#### WHAT YOU SHOULD DO:
All lines below containing the string "Autodesk" are to be copied.
** SOURCE MATERIAL follows **
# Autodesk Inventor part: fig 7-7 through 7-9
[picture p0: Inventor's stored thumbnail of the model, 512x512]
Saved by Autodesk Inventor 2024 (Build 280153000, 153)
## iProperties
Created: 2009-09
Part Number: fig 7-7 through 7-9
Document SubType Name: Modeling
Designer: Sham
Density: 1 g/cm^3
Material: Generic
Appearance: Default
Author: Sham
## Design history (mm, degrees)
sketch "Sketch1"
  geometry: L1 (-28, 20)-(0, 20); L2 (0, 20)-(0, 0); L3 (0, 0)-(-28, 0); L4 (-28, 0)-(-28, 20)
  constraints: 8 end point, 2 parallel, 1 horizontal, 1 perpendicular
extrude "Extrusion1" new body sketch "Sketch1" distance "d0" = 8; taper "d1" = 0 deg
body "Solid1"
** End of SOURCE MATERIAL **
#### OUTPUT OF THE TASK:
# Autodesk Inventor part: fig 7-7 through 7-9
Saved by Autodesk Inventor 2024 (Build 280153000, 153)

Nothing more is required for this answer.